§ **WHAT IS BEING ASKED**: Gather the lines below that include the string "units", copying each in full.

§ **DATA PROVIDED**:

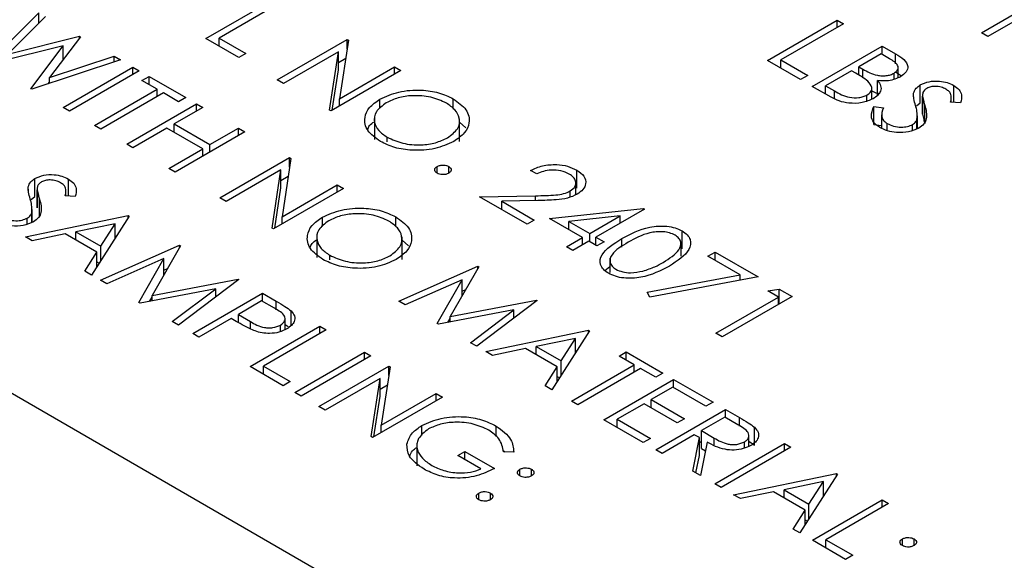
# Model space of a CAD drawing. Header units: inches. Extents: x 1880 to 2363, y -453 to -54.
# Tile 379 of 656: x 2068.505 to 2069.403, y -270.976 to -270.484. Entities that reach past the tile are written whole.
import ezdxf

# ---------------------------------------------------------------- set-up
doc = ezdxf.new("R2010")
doc.units = ezdxf.units.IN
doc.header["$LTSCALE"] = 0.5
doc.header["$MEASUREMENT"] = 0
doc.layers.add('DSS-M-S', color=53, linetype='Continuous')

msp = doc.modelspace()

# ---------------------------------------------------------------- linework, layer by layer
at = {"layer": 'DSS-M-S', "linetype": 'Continuous', "lineweight": 25}
for p, q in [((2064.23349, -268.36222), (2073.07233, -273.46477)), ((2068.67481, -270.50092), (2068.73845, -270.46418)), ((2069.45134, -270.46241), (2069.3877, -270.49915)), ((2068.74416, -270.46748), (2068.68705, -270.50045)), ((2068.47614, -270.524), (2068.52285, -270.47748)), ((2068.52876, -270.48089), (2068.49454, -270.51503)), ((2068.52285, -270.48678), (2068.52285, -270.47748)), ((2069.38199, -270.49585), (2069.41299, -270.47796)), ((2069.18679, -270.52094), (2069.25043, -270.4842)), ((2069.25614, -270.48749), (2069.19902, -270.52046)), ((2069.25043, -270.4842), (2069.25614, -270.48749)), ((2069.25043, -270.49079), (2069.25043, -270.4842)), ((2068.49454, -270.51503), (2068.55973, -270.49878)), ((2068.56056, -270.49925), (2068.53239, -270.53651)), ((2068.55973, -270.49878), (2068.56056, -270.49925)), ((2068.55973, -270.50035), (2068.55973, -270.49878)), ((2068.705, -270.51834), (2068.67481, -270.50092)), ((2068.68705, -270.50045), (2068.71153, -270.51458)), ((2068.68705, -270.50798), (2068.68705, -270.50045)), ((2069.3877, -270.49915), (2069.38199, -270.49585)), ((2068.54501, -270.50756), (2068.47696, -270.52447)), ((2068.51549, -270.54671), (2068.54501, -270.50756)), ((2068.54501, -270.51982), (2068.54501, -270.50756)), ((2068.74009, -270.5386), (2068.80372, -270.50186)), ((2068.80492, -270.50255), (2068.79688, -270.55574)), ((2068.80372, -270.50186), (2068.80492, -270.50255)), ((2068.80372, -270.51047), (2068.80372, -270.50186)), ((2069.22758, -270.54449), (2069.29122, -270.50775)), ((2069.29122, -270.50775), (2069.30364, -270.51492)), ((2069.29122, -270.51528), (2069.29122, -270.50775)), ((2068.53239, -270.53651), (2068.59126, -270.51698)), ((2068.54501, -270.51878), (2068.54598, -270.51853)), ((2068.59126, -270.51698), (2068.5971, -270.52035)), ((2068.59126, -270.52229), (2068.59126, -270.51698)), ((2068.71153, -270.51458), (2068.705, -270.51834)), ((2068.79577, -270.51305), (2068.7458, -270.54189)), ((2068.78774, -270.56611), (2068.79577, -270.51305)), ((2068.79577, -270.52938), (2068.79577, -270.51305)), ((2068.79577, -270.52278), (2068.80245, -270.51893)), ((2069.2904, -270.51481), (2069.27001, -270.52659)), ((2069.29816, -270.51929), (2069.2904, -270.51481)), ((2069.30364, -270.52394), (2069.30364, -270.51492)), ((2068.5971, -270.52035), (2068.5163, -270.54718)), ((2068.54488, -270.56368), (2068.60852, -270.52694)), ((2068.60852, -270.52694), (2068.61423, -270.53024)), ((2068.60852, -270.53353), (2068.60852, -270.52694)), ((2068.79688, -270.55574), (2068.84697, -270.52682)), ((2068.84697, -270.52682), (2068.85268, -270.53012)), ((2068.84697, -270.53342), (2068.84697, -270.52682)), ((2069.21697, -270.53836), (2069.18679, -270.52094)), ((2069.19902, -270.52046), (2069.2235, -270.53459)), ((2069.19902, -270.528), (2069.19902, -270.52046)), ((2069.27001, -270.52659), (2069.27384, -270.5288)), ((2069.27001, -270.53418), (2069.27001, -270.52659)), ((2069.306, -270.53663), (2069.306, -270.5276)), ((2068.53239, -270.54184), (2068.53239, -270.53651)), ((2068.61423, -270.53024), (2068.55059, -270.56698)), ((2068.61668, -270.53919), (2068.62321, -270.53542)), ((2068.62321, -270.53542), (2068.65666, -270.55473)), ((2068.62321, -270.54295), (2068.62321, -270.53542)), ((2068.85268, -270.53012), (2068.78904, -270.56686)), ((2068.7902, -270.56619), (2068.79577, -270.52938)), ((2069.2235, -270.53459), (2069.21697, -270.53836)), ((2069.26348, -270.53036), (2069.23982, -270.54401)), ((2069.26727, -270.53254), (2069.26348, -270.53036)), ((2069.27384, -270.53662), (2069.27384, -270.5288)), ((2069.30226, -270.53813), (2069.30226, -270.53246)), ((2069.30364, -270.53125), (2069.30897, -270.53493)), ((2068.53117, -270.54224), (2068.53239, -270.54062)), ((2068.63055, -270.54719), (2068.61668, -270.53919)), ((2068.7458, -270.54189), (2068.74009, -270.5386)), ((2069.24479, -270.55442), (2069.22758, -270.54449)), ((2069.23982, -270.54401), (2069.24795, -270.54871)), ((2069.23982, -270.55155), (2069.23982, -270.54401)), ((2069.28187, -270.55619), (2069.28187, -270.54619)), ((2069.28719, -270.5527), (2069.28719, -270.53926)), ((2069.32614, -270.5595), (2069.32614, -270.54317)), ((2069.35667, -270.55916), (2069.35667, -270.54365)), ((2068.5163, -270.54718), (2068.51549, -270.54671)), ((2068.57344, -270.58016), (2068.63055, -270.54719)), ((2068.63626, -270.55049), (2068.57915, -270.58346)), ((2068.63055, -270.55379), (2068.63055, -270.54719)), ((2068.65013, -270.5585), (2068.63626, -270.55049)), ((2068.65666, -270.55473), (2068.65013, -270.5585)), ((2069.24795, -270.55586), (2069.24795, -270.54871)), ((2069.27747, -270.55775), (2069.27747, -270.55243)), ((2069.32001, -270.55397), (2069.32001, -270.55081)), ((2069.32808, -270.5529), (2069.32808, -270.56923)), ((2069.32809, -270.56981), (2069.32809, -270.55348)), ((2069.35435, -270.55898), (2069.35435, -270.55453)), ((2068.55059, -270.56698), (2068.54488, -270.56368)), ((2068.60281, -270.59712), (2068.66645, -270.56038)), ((2068.67216, -270.56368), (2068.64605, -270.57875)), ((2068.66645, -270.56038), (2068.67216, -270.56368)), ((2068.66645, -270.56698), (2068.66645, -270.56038)), ((2068.79688, -270.56233), (2068.79688, -270.55574)), ((2068.83363, -270.56469), (2068.83363, -270.55619)), ((2068.90041, -270.56477), (2068.90041, -270.55579)), ((2069.28392, -270.56283), (2069.29252, -270.56408)), ((2069.28392, -270.57916), (2069.28392, -270.56283)), ((2069.32254, -270.56236), (2069.32614, -270.5595)), ((2069.33031, -270.57841), (2069.33031, -270.56207)), ((2069.36285, -270.55965), (2069.35378, -270.55893)), ((2068.78904, -270.56686), (2068.78774, -270.56611)), ((2068.82851, -270.57247), (2068.82851, -270.59288)), ((2069.29085, -270.57042), (2069.29085, -270.58266)), ((2069.32344, -270.58305), (2069.32344, -270.57147)), ((2069.32816, -270.56924), (2069.32809, -270.56981)), ((2068.57915, -270.58346), (2068.57344, -270.58016)), ((2068.64605, -270.57875), (2068.67869, -270.59759)), ((2068.64605, -270.58629), (2068.64605, -270.57875)), ((2068.90615, -270.59458), (2068.90615, -270.57416)), ((2068.90615, -270.57712), (2068.91195, -270.58216)), ((2069.28392, -270.57916), (2069.29085, -270.58017)), ((2069.29589, -270.58479), (2069.29589, -270.57827)), ((2069.31914, -270.58457), (2069.31914, -270.57924)), ((2069.3231, -270.58317), (2069.3231, -270.57431)), ((2068.63953, -270.58252), (2068.60852, -270.60042)), ((2068.67216, -270.60136), (2068.63953, -270.58252)), ((2068.71051, -270.58582), (2068.64687, -270.62255)), ((2068.67869, -270.59759), (2068.7048, -270.58252)), ((2068.7048, -270.58252), (2068.71051, -270.58582)), ((2068.7048, -270.58911), (2068.7048, -270.58252)), ((2068.84031, -270.59491), (2068.84031, -270.59081)), ((2068.60852, -270.60042), (2068.60281, -270.59712)), ((2068.67869, -270.60419), (2068.67869, -270.59759)), ((2068.64116, -270.61926), (2068.67216, -270.60136)), ((2068.67216, -270.60795), (2068.67216, -270.60136)), ((2068.68766, -270.6461), (2068.7513, -270.60937)), ((2068.7525, -270.61006), (2068.74446, -270.66324)), ((2068.7513, -270.60937), (2068.7525, -270.61006)), ((2068.7513, -270.61798), (2068.7513, -270.60937)), ((2068.88572, -270.62361), (2068.88572, -270.61749)), ((2068.89633, -270.62361), (2068.89633, -270.61749)), ((2068.64687, -270.62255), (2068.64116, -270.61926)), ((2068.74335, -270.62055), (2068.69338, -270.6494)), ((2068.73532, -270.67361), (2068.74335, -270.62055)), ((2068.74335, -270.63688), (2068.74335, -270.62055)), ((2068.74335, -270.63029), (2068.75003, -270.62644)), ((2068.97669, -270.62432), (2068.97098, -270.62102)), ((2069.01295, -270.63709), (2069.01295, -270.62076)), ((2068.51922, -270.64475), (2068.51922, -270.62842)), ((2068.54975, -270.64441), (2068.54975, -270.6289)), ((2068.74446, -270.66324), (2068.79455, -270.63433)), ((2068.79455, -270.63433), (2068.80026, -270.63763)), ((2068.79455, -270.64092), (2068.79455, -270.63433)), ((2069.01213, -270.64323), (2069.01213, -270.63255)), ((2068.51309, -270.63922), (2068.51309, -270.63607)), ((2068.51563, -270.64761), (2068.51922, -270.64475)), ((2068.52117, -270.63815), (2068.52117, -270.65448)), ((2068.52117, -270.65506), (2068.52117, -270.63873)), ((2068.55594, -270.64491), (2068.54686, -270.64418)), ((2068.54743, -270.64423), (2068.54743, -270.63978)), ((2068.80026, -270.63763), (2068.73662, -270.67436)), ((2068.73778, -270.6737), (2068.74335, -270.63688)), ((2068.92448, -270.64504), (2068.9755, -270.64409)), ((2068.9755, -270.64856), (2068.9755, -270.64409)), ((2069.00703, -270.64525), (2069.00703, -270.63978)), ((2068.52339, -270.66366), (2068.52339, -270.64733)), ((2068.69338, -270.6494), (2068.68766, -270.6461)), ((2068.96772, -270.67001), (2068.92448, -270.64504)), ((2068.97755, -270.64853), (2068.94463, -270.64914)), ((2068.94463, -270.64914), (2068.97425, -270.66624)), ((2068.94463, -270.65668), (2068.94463, -270.64914)), ((2068.51041, -270.68155), (2068.60424, -270.66224)), ((2068.51619, -270.66842), (2068.51619, -270.65957)), ((2068.51653, -270.6683), (2068.51653, -270.65672)), ((2068.52125, -270.65449), (2068.52117, -270.65506)), ((2068.60505, -270.66271), (2068.57079, -270.7164)), ((2068.60424, -270.66224), (2068.60505, -270.66271)), ((2068.60424, -270.66399), (2068.60424, -270.66224)), ((2068.98812, -270.66483), (2069.07344, -270.65568)), ((2069.05247, -270.66253), (2069.00586, -270.66754)), ((2069.02483, -270.67849), (2069.05247, -270.66253)), ((2069.0746, -270.65635), (2069.03054, -270.68178)), ((2069.05247, -270.66912), (2069.05247, -270.66253)), ((2069.07344, -270.65568), (2069.0746, -270.65635)), ((2069.07344, -270.65702), (2069.07344, -270.65568)), ((2068.51222, -270.66983), (2068.51222, -270.66449)), ((2068.59218, -270.6696), (2068.55634, -270.67698)), ((2068.57909, -270.69011), (2068.59218, -270.6696)), ((2068.59218, -270.68288), (2068.59218, -270.6696)), ((2068.74446, -270.66984), (2068.74446, -270.66324)), ((2068.78121, -270.6722), (2068.78121, -270.66369)), ((2068.84799, -270.67228), (2068.84799, -270.6633)), ((2068.97425, -270.66624), (2068.96772, -270.67001)), ((2069.0183, -270.68225), (2068.98812, -270.66483)), ((2069.00586, -270.66754), (2069.02483, -270.67849)), ((2069.00586, -270.67507), (2069.00586, -270.66754)), ((2068.54672, -270.67896), (2068.51665, -270.68515)), ((2068.57557, -270.69561), (2068.54672, -270.67896)), ((2068.55634, -270.67698), (2068.57909, -270.69011)), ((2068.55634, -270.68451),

§ **EXERCISE OUTPUT**:
# Model space of a CAD drawing. Header units: inches. Extents: x 1880 to 2363, y -453 to -54.
doc.units = ezdxf.units.IN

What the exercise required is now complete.